**LISTED ENTRIES**.
Segment Open
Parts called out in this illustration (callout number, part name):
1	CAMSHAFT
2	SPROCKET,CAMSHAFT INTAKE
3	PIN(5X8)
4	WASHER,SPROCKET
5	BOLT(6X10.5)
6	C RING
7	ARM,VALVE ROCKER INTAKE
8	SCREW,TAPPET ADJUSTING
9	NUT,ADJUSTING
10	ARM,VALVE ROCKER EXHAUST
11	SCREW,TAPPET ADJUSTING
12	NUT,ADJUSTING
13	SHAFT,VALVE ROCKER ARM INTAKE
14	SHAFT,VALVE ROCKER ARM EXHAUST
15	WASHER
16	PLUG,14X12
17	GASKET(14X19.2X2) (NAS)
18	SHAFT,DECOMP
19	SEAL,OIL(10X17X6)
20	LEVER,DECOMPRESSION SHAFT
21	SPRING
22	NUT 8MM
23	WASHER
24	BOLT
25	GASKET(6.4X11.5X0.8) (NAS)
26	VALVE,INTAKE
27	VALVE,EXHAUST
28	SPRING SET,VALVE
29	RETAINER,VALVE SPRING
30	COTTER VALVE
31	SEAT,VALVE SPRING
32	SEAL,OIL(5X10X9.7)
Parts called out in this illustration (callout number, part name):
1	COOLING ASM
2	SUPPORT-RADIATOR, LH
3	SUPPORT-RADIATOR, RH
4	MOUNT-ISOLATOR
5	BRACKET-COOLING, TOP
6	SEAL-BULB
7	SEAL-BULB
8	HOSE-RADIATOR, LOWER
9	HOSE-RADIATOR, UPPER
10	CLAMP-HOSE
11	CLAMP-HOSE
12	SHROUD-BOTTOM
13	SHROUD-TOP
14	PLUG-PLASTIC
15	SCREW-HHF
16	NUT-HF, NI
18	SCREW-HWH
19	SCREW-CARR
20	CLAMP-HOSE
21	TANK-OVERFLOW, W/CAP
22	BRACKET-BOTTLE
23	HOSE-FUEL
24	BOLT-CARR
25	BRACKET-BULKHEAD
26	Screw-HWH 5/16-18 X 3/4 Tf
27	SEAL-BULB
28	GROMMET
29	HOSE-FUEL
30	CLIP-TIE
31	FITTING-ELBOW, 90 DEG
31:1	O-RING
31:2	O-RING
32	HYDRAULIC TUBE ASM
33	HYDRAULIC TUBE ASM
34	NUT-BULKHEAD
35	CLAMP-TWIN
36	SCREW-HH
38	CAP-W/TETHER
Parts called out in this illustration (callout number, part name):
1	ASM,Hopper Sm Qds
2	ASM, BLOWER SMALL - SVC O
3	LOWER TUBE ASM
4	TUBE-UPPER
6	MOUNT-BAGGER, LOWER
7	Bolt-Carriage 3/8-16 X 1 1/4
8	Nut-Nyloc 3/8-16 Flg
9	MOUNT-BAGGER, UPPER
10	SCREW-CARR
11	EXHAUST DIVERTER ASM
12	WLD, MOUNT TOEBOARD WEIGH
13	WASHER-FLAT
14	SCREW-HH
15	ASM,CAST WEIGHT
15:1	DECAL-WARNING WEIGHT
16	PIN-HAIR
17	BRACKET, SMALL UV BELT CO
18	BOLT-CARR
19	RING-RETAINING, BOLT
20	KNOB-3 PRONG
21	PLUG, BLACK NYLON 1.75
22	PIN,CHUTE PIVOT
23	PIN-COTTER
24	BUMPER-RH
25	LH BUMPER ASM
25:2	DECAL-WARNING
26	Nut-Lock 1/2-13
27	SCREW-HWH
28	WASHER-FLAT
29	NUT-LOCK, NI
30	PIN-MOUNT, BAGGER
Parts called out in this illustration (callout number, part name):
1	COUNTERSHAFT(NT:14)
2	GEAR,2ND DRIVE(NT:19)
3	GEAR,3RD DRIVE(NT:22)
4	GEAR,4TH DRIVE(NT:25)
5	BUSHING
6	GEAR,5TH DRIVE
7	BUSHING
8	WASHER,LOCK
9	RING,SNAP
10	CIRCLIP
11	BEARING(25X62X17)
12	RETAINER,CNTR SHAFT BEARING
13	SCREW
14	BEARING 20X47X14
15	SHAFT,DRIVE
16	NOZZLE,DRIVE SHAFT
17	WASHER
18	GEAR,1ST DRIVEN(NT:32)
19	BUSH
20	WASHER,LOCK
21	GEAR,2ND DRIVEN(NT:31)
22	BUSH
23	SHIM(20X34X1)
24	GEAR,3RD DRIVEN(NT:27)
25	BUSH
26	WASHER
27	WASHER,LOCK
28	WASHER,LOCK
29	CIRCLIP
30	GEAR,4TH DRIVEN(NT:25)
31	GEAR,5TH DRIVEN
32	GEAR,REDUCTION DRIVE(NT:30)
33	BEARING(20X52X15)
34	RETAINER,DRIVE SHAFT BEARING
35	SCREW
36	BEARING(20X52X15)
Segment Closed
Every record above needs to be copied exactly.

**RESULT**.
Parts called out in this illustration (callout number, part name):
1	CAMSHAFT
2	SPROCKET,CAMSHAFT INTAKE
3	PIN(5X8)
4	WASHER,SPROCKET
5	BOLT(6X10.5)
6	C RING
7	ARM,VALVE ROCKER INTAKE
8	SCREW,TAPPET ADJUSTING
9	NUT,ADJUSTING
10	ARM,VALVE ROCKER EXHAUST
11	SCREW,TAPPET ADJUSTING
12	NUT,ADJUSTING
13	SHAFT,VALVE ROCKER ARM INTAKE
14	SHAFT,VALVE ROCKER ARM EXHAUST
15	WASHER
16	PLUG,14X12
17	GASKET(14X19.2X2) (NAS)
18	SHAFT,DECOMP
19	SEAL,OIL(10X17X6)
20	LEVER,DECOMPRESSION SHAFT
21	SPRING
22	NUT 8MM
23	WASHER
24	BOLT
25	GASKET(6.4X11.5X0.8) (NAS)
26	VALVE,INTAKE
27	VALVE,EXHAUST
28	SPRING SET,VALVE
29	RETAINER,VALVE SPRING
30	COTTER VALVE
31	SEAT,VALVE SPRING
32	SEAL,OIL(5X10X9.7)
Parts called out in this illustration (callout number, part name):
1	COOLING ASM
2	SUPPORT-RADIATOR, LH
3	SUPPORT-RADIATOR, RH
4	MOUNT-ISOLATOR
5	BRACKET-COOLING, TOP
6	SEAL-BULB
7	SEAL-BULB
8	HOSE-RADIATOR, LOWER
9	HOSE-RADIATOR, UPPER
10	CLAMP-HOSE
11	CLAMP-HOSE
12	SHROUD-BOTTOM
13	SHROUD-TOP
14	PLUG-PLASTIC
15	SCREW-HHF
16	NUT-HF, NI
18	SCREW-HWH
19	SCREW-CARR
20	CLAMP-HOSE
21	TANK-OVERFLOW, W/CAP
22	BRACKET-BOTTLE
23	HOSE-FUEL
24	BOLT-CARR
25	BRACKET-BULKHEAD
26	Screw-HWH 5/16-18 X 3/4 Tf
27	SEAL-BULB
28	GROMMET
29	HOSE-FUEL
30	CLIP-TIE
31	FITTING-ELBOW, 90 DEG
31:1	O-RING
31:2	O-RING
32	HYDRAULIC TUBE ASM
33	HYDRAULIC TUBE ASM
34	NUT-BULKHEAD
35	CLAMP-TWIN
36	SCREW-HH
38	CAP-W/TETHER
Parts called out in this illustration (callout number, part name):
1	ASM,Hopper Sm Qds
2	ASM, BLOWER SMALL - SVC O
3	LOWER TUBE ASM
4	TUBE-UPPER
6	MOUNT-BAGGER, LOWER
7	Bolt-Carriage 3/8-16 X 1 1/4
8	Nut-Nyloc 3/8-16 Flg
9	MOUNT-BAGGER, UPPER
10	SCREW-CARR
11	EXHAUST DIVERTER ASM
12	WLD, MOUNT TOEBOARD WEIGH
13	WASHER-FLAT
14	SCREW-HH
15	ASM,CAST WEIGHT
15:1	DECAL-WARNING WEIGHT
16	PIN-HAIR
17	BRACKET, SMALL UV BELT CO
18	BOLT-CARR
19	RING-RETAINING, BOLT
20	KNOB-3 PRONG
21	PLUG, BLACK NYLON 1.75
22	PIN,CHUTE PIVOT
23	PIN-COTTER
24	BUMPER-RH
25	LH BUMPER ASM
25:2	DECAL-WARNING
26	Nut-Lock 1/2-13
27	SCREW-HWH
28	WASHER-FLAT
29	NUT-LOCK, NI
30	PIN-MOUNT, BAGGER
Parts called out in this illustration (callout number, part name):
1	COUNTERSHAFT(NT:14)
2	GEAR,2ND DRIVE(NT:19)
3	GEAR,3RD DRIVE(NT:22)
4	GEAR,4TH DRIVE(NT:25)
5	BUSHING
6	GEAR,5TH DRIVE
7	BUSHING
8	WASHER,LOCK
9	RING,SNAP
10	CIRCLIP
11	BEARING(25X62X17)
12	RETAINER,CNTR SHAFT BEARING
13	SCREW
14	BEARING 20X47X14
15	SHAFT,DRIVE
16	NOZZLE,DRIVE SHAFT
17	WASHER
18	GEAR,1ST DRIVEN(NT:32)
19	BUSH
20	WASHER,LOCK
21	GEAR,2ND DRIVEN(NT:31)
22	BUSH
23	SHIM(20X34X1)
24	GEAR,3RD DRIVEN(NT:27)
25	BUSH
26	WASHER
27	WASHER,LOCK
28	WASHER,LOCK
29	CIRCLIP
30	GEAR,4TH DRIVEN(NT:25)
31	GEAR,5TH DRIVEN
32	GEAR,REDUCTION DRIVE(NT:30)
33	BEARING(20X52X15)
34	RETAINER,DRIVE SHAFT BEARING
35	SCREW
36	BEARING(20X52X15)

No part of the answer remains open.